Please transcribe the entries below exactly and leave out every picture.

══ SOURCE RECORDS

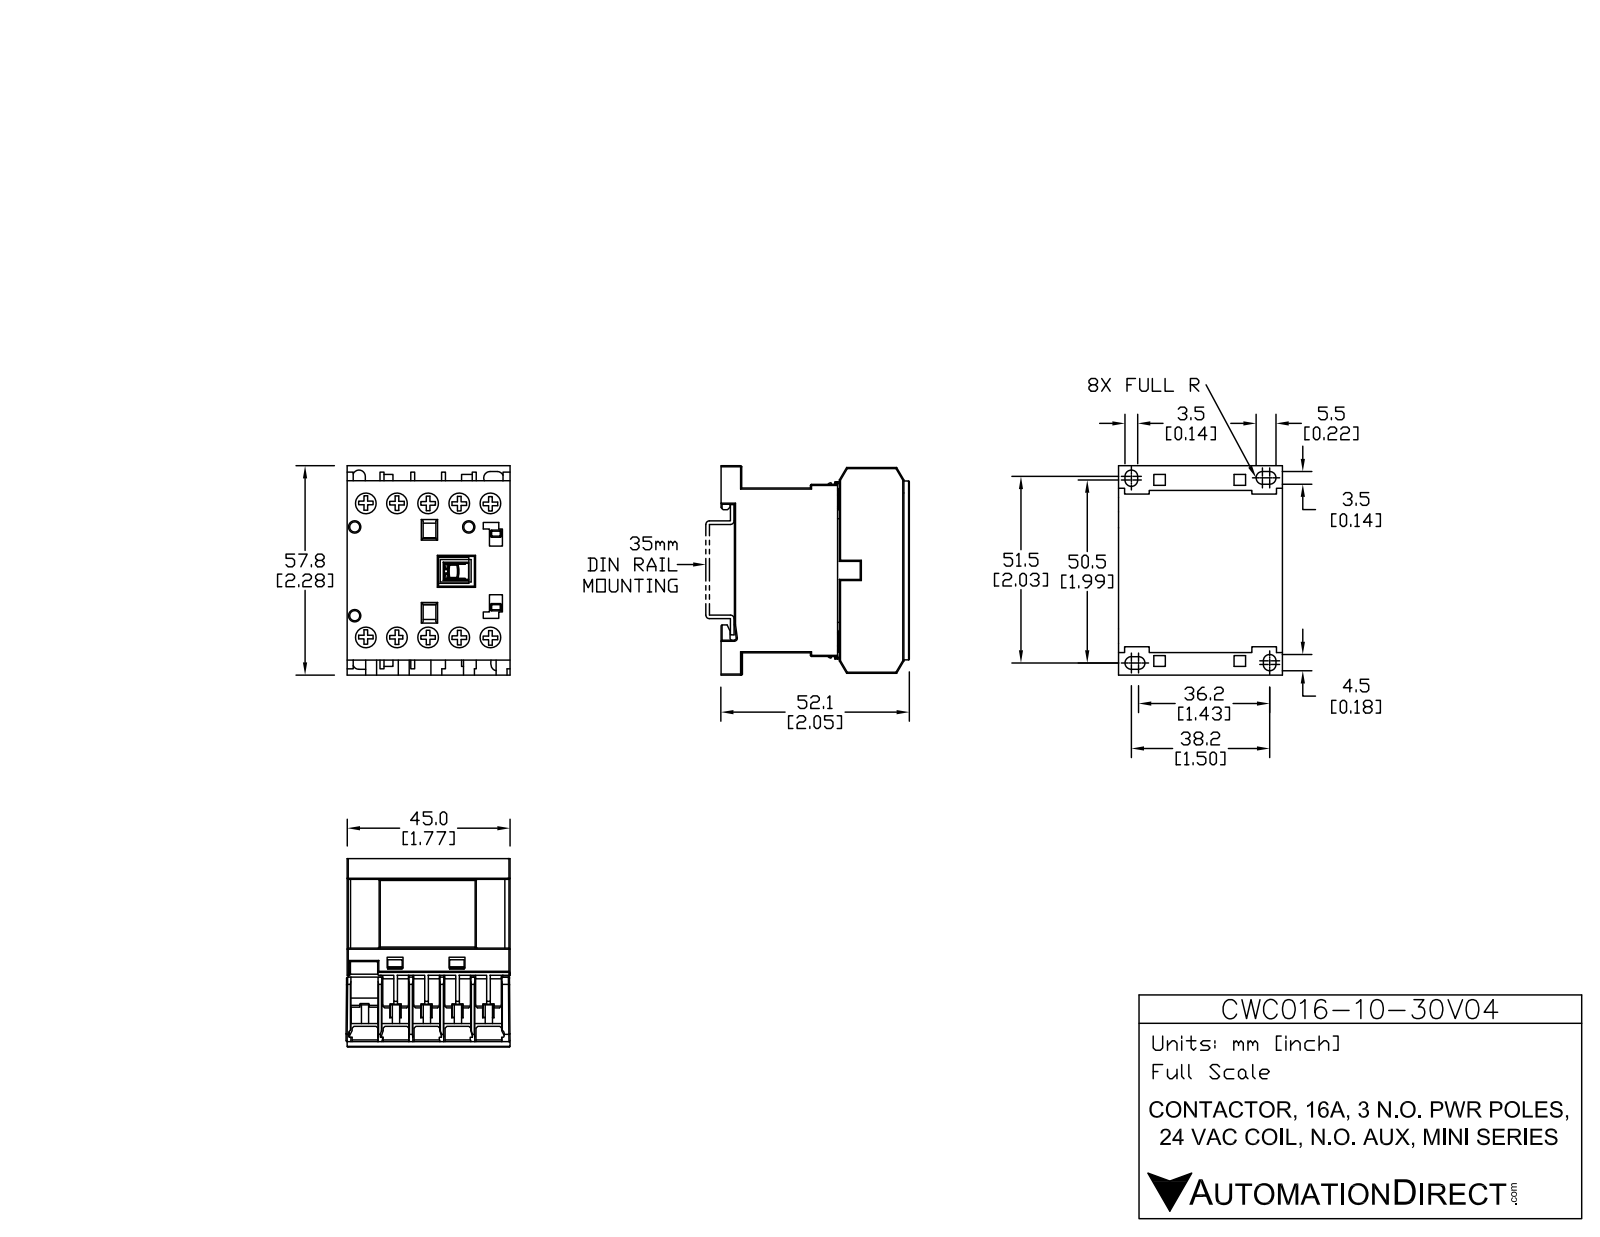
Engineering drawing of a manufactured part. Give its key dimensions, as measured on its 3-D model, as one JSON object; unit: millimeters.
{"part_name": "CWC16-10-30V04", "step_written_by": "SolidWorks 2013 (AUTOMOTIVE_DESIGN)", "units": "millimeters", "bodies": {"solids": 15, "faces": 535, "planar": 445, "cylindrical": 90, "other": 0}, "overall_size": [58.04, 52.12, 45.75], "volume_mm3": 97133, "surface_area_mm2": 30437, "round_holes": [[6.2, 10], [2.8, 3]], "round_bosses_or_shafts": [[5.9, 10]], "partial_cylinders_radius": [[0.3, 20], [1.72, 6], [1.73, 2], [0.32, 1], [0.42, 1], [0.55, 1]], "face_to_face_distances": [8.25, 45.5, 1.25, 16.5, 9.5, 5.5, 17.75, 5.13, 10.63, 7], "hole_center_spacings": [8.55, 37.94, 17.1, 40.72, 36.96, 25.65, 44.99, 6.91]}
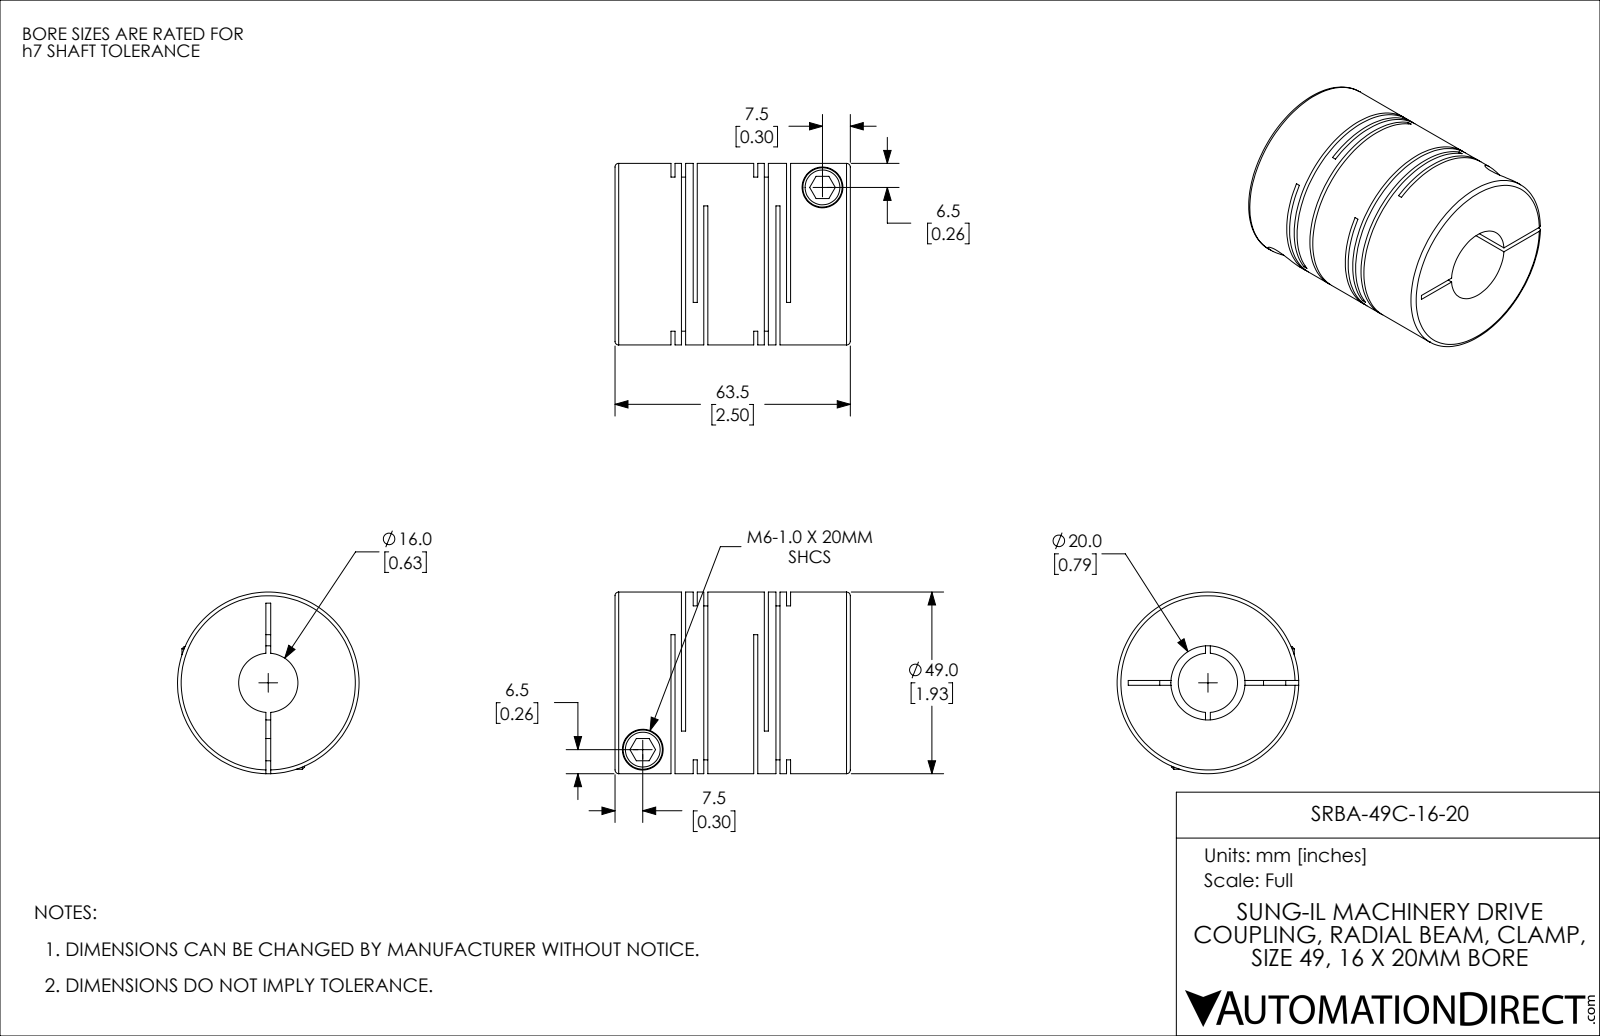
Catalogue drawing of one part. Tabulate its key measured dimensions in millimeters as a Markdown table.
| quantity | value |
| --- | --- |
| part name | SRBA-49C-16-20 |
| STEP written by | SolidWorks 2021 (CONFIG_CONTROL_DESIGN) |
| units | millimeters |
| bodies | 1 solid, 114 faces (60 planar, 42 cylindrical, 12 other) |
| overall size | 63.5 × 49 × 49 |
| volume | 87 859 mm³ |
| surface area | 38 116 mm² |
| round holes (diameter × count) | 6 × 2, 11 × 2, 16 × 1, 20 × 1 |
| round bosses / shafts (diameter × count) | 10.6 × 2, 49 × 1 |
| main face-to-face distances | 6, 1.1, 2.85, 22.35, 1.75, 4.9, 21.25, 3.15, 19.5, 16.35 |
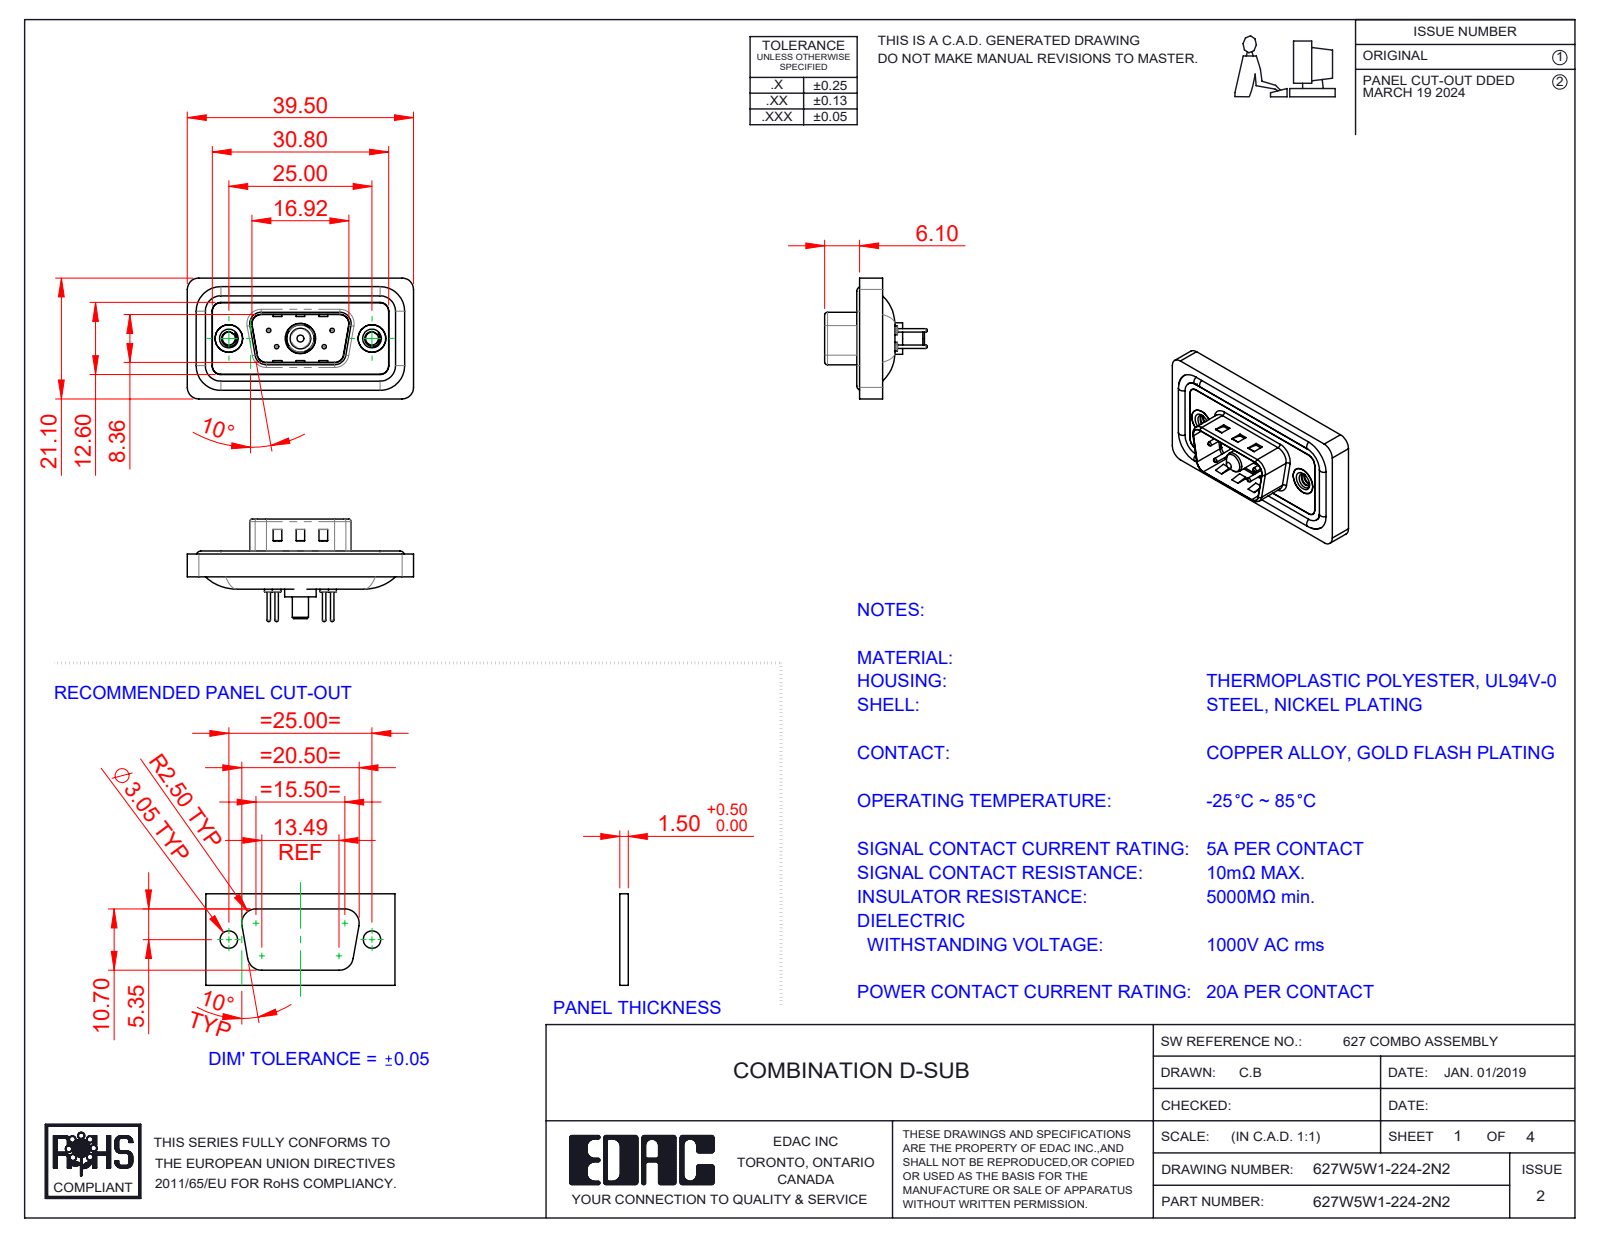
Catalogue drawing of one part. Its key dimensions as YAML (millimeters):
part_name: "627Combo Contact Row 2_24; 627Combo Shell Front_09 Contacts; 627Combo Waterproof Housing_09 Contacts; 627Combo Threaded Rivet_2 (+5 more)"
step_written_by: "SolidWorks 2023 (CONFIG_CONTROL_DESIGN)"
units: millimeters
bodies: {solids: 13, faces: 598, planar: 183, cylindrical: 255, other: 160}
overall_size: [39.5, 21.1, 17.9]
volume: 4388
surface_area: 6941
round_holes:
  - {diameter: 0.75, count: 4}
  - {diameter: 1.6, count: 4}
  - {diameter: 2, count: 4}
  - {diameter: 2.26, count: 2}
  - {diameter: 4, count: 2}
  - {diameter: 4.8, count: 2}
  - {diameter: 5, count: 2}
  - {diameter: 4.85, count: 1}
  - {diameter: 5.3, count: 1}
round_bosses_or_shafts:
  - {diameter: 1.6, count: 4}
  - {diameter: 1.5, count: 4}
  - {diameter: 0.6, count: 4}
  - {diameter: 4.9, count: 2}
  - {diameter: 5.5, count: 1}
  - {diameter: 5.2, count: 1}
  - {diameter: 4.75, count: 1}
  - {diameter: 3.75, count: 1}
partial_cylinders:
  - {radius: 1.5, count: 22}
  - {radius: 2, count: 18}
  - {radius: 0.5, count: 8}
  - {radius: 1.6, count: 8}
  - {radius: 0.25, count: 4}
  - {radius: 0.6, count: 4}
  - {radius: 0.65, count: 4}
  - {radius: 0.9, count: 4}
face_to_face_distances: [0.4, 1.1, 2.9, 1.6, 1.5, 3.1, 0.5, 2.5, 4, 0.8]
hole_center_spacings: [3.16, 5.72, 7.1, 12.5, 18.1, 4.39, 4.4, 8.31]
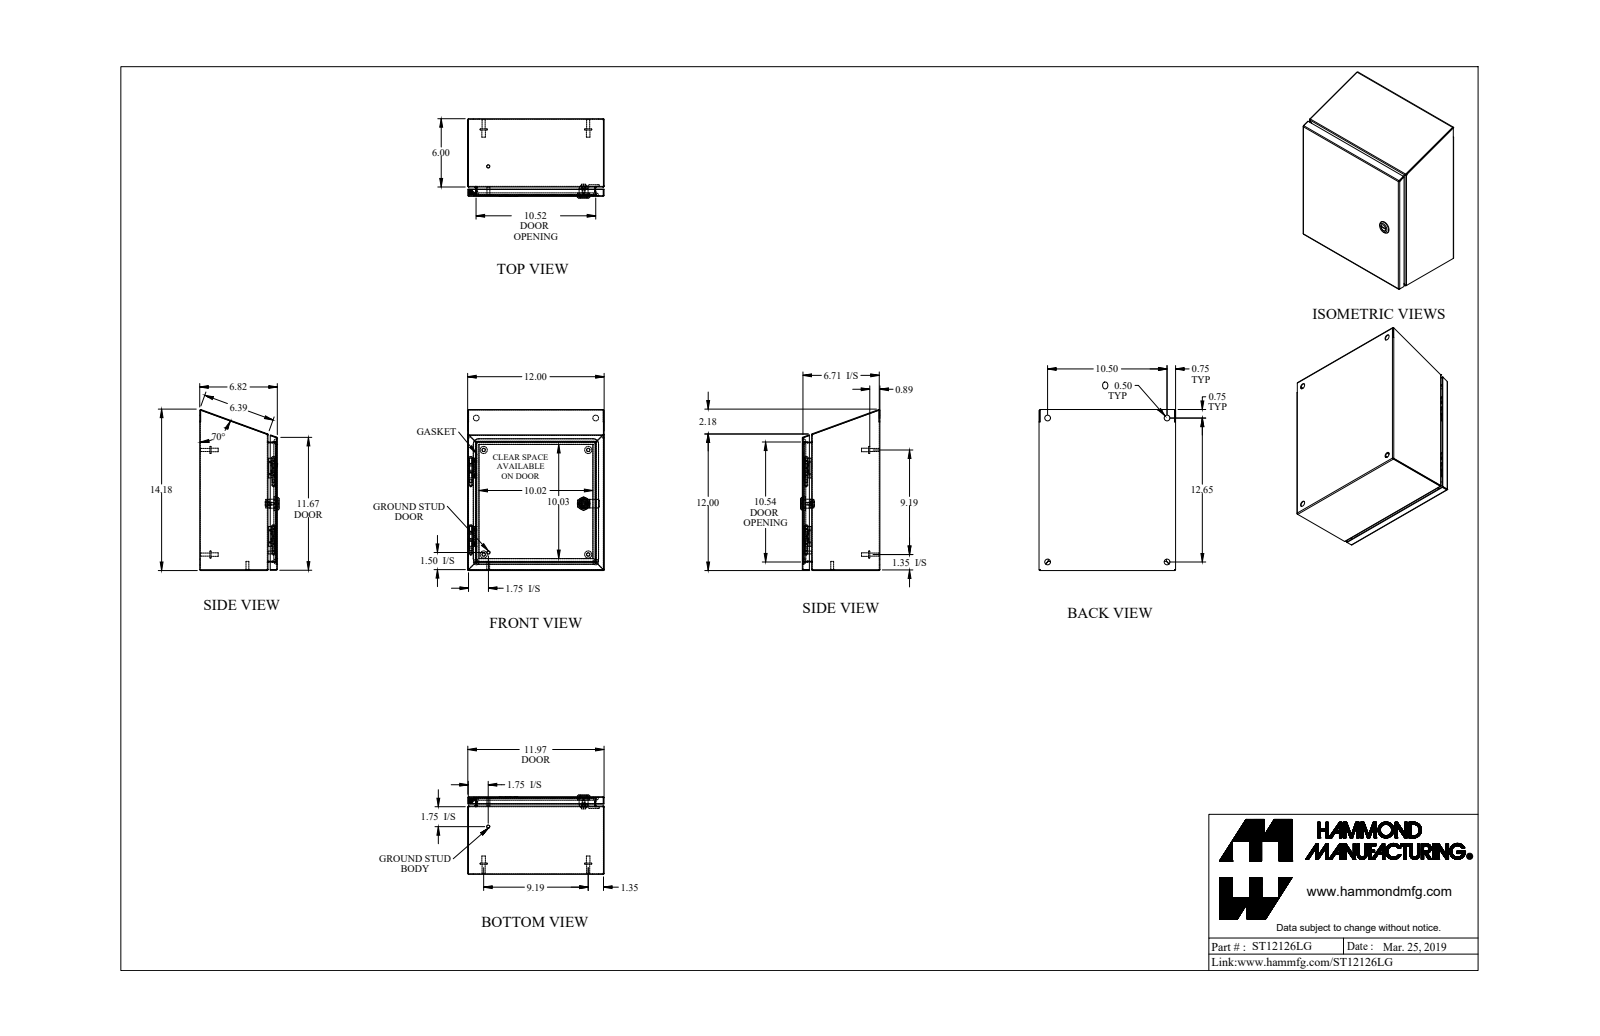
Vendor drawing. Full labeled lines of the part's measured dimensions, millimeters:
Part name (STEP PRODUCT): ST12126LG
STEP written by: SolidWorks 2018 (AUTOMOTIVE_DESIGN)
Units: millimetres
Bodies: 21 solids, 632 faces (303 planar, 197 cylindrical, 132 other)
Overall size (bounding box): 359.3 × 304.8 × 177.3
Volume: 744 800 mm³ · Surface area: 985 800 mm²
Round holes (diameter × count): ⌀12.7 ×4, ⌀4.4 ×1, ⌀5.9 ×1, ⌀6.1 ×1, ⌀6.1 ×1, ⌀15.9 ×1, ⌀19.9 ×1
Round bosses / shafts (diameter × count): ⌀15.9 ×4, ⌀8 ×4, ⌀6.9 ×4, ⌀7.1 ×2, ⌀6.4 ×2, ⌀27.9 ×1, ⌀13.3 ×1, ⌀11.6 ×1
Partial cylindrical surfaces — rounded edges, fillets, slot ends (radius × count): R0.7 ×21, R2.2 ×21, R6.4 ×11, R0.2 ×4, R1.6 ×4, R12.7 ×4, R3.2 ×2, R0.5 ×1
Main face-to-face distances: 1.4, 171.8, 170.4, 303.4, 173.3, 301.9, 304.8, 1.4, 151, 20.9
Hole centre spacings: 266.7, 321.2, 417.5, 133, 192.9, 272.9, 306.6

════

*ANSWER TO THIS TASK*:
Engineering drawing of a manufactured part. Give its key dimensions, as measured on its 3-D model, as one JSON object; unit: millimeters.
{"part_name": "CWC16-10-30V04", "step_written_by": "SolidWorks 2013 (AUTOMOTIVE_DESIGN)", "units": "millimeters", "bodies": {"solids": 15, "faces": 535, "planar": 445, "cylindrical": 90, "other": 0}, "overall_size": [58.04, 52.12, 45.75], "volume_mm3": 97133, "surface_area_mm2": 30437, "round_holes": [[6.2, 10], [2.8, 3]], "round_bosses_or_shafts": [[5.9, 10]], "partial_cylinders_radius": [[0.3, 20], [1.72, 6], [1.73, 2], [0.32, 1], [0.42, 1], [0.55, 1]], "face_to_face_distances": [8.25, 45.5, 1.25, 16.5, 9.5, 5.5, 17.75, 5.13, 10.63, 7], "hole_center_spacings": [8.55, 37.94, 17.1, 40.72, 36.96, 25.65, 44.99, 6.91]}
Catalogue drawing of one part. Tabulate its key measured dimensions in millimeters as a Markdown table.
| quantity | value |
| --- | --- |
| part name | SRBA-49C-16-20 |
| STEP written by | SolidWorks 2021 (CONFIG_CONTROL_DESIGN) |
| units | millimeters |
| bodies | 1 solid, 114 faces (60 planar, 42 cylindrical, 12 other) |
| overall size | 63.5 × 49 × 49 |
| volume | 87 859 mm³ |
| surface area | 38 116 mm² |
| round holes (diameter × count) | 6 × 2, 11 × 2, 16 × 1, 20 × 1 |
| round bosses / shafts (diameter × count) | 10.6 × 2, 49 × 1 |
| main face-to-face distances | 6, 1.1, 2.85, 22.35, 1.75, 4.9, 21.25, 3.15, 19.5, 16.35 |
Catalogue drawing of one part. Its key dimensions as YAML (millimeters):
part_name: "627Combo Contact Row 2_24; 627Combo Shell Front_09 Contacts; 627Combo Waterproof Housing_09 Contacts; 627Combo Threaded Rivet_2 (+5 more)"
step_written_by: "SolidWorks 2023 (CONFIG_CONTROL_DESIGN)"
units: millimeters
bodies: {solids: 13, faces: 598, planar: 183, cylindrical: 255, other: 160}
overall_size: [39.5, 21.1, 17.9]
volume: 4388
surface_area: 6941
round_holes:
  - {diameter: 0.75, count: 4}
  - {diameter: 1.6, count: 4}
  - {diameter: 2, count: 4}
  - {diameter: 2.26, count: 2}
  - {diameter: 4, count: 2}
  - {diameter: 4.8, count: 2}
  - {diameter: 5, count: 2}
  - {diameter: 4.85, count: 1}
  - {diameter: 5.3, count: 1}
round_bosses_or_shafts:
  - {diameter: 1.6, count: 4}
  - {diameter: 1.5, count: 4}
  - {diameter: 0.6, count: 4}
  - {diameter: 4.9, count: 2}
  - {diameter: 5.5, count: 1}
  - {diameter: 5.2, count: 1}
  - {diameter: 4.75, count: 1}
  - {diameter: 3.75, count: 1}
partial_cylinders:
  - {radius: 1.5, count: 22}
  - {radius: 2, count: 18}
  - {radius: 0.5, count: 8}
  - {radius: 1.6, count: 8}
  - {radius: 0.25, count: 4}
  - {radius: 0.6, count: 4}
  - {radius: 0.65, count: 4}
  - {radius: 0.9, count: 4}
face_to_face_distances: [0.4, 1.1, 2.9, 1.6, 1.5, 3.1, 0.5, 2.5, 4, 0.8]
hole_center_spacings: [3.16, 5.72, 7.1, 12.5, 18.1, 4.39, 4.4, 8.31]
Vendor drawing. Full labeled lines of the part's measured dimensions, millimeters:
Part name (STEP PRODUCT): ST12126LG
STEP written by: SolidWorks 2018 (AUTOMOTIVE_DESIGN)
Units: millimetres
Bodies: 21 solids, 632 faces (303 planar, 197 cylindrical, 132 other)
Overall size (bounding box): 359.3 × 304.8 × 177.3
Volume: 744 800 mm³ · Surface area: 985 800 mm²
Round holes (diameter × count): ⌀12.7 ×4, ⌀4.4 ×1, ⌀5.9 ×1, ⌀6.1 ×1, ⌀6.1 ×1, ⌀15.9 ×1, ⌀19.9 ×1
Round bosses / shafts (diameter × count): ⌀15.9 ×4, ⌀8 ×4, ⌀6.9 ×4, ⌀7.1 ×2, ⌀6.4 ×2, ⌀27.9 ×1, ⌀13.3 ×1, ⌀11.6 ×1
Partial cylindrical surfaces — rounded edges, fillets, slot ends (radius × count): R0.7 ×21, R2.2 ×21, R6.4 ×11, R0.2 ×4, R1.6 ×4, R12.7 ×4, R3.2 ×2, R0.5 ×1
Main face-to-face distances: 1.4, 171.8, 170.4, 303.4, 173.3, 301.9, 304.8, 1.4, 151, 20.9
Hole centre spacings: 266.7, 321.2, 417.5, 133, 192.9, 272.9, 306.6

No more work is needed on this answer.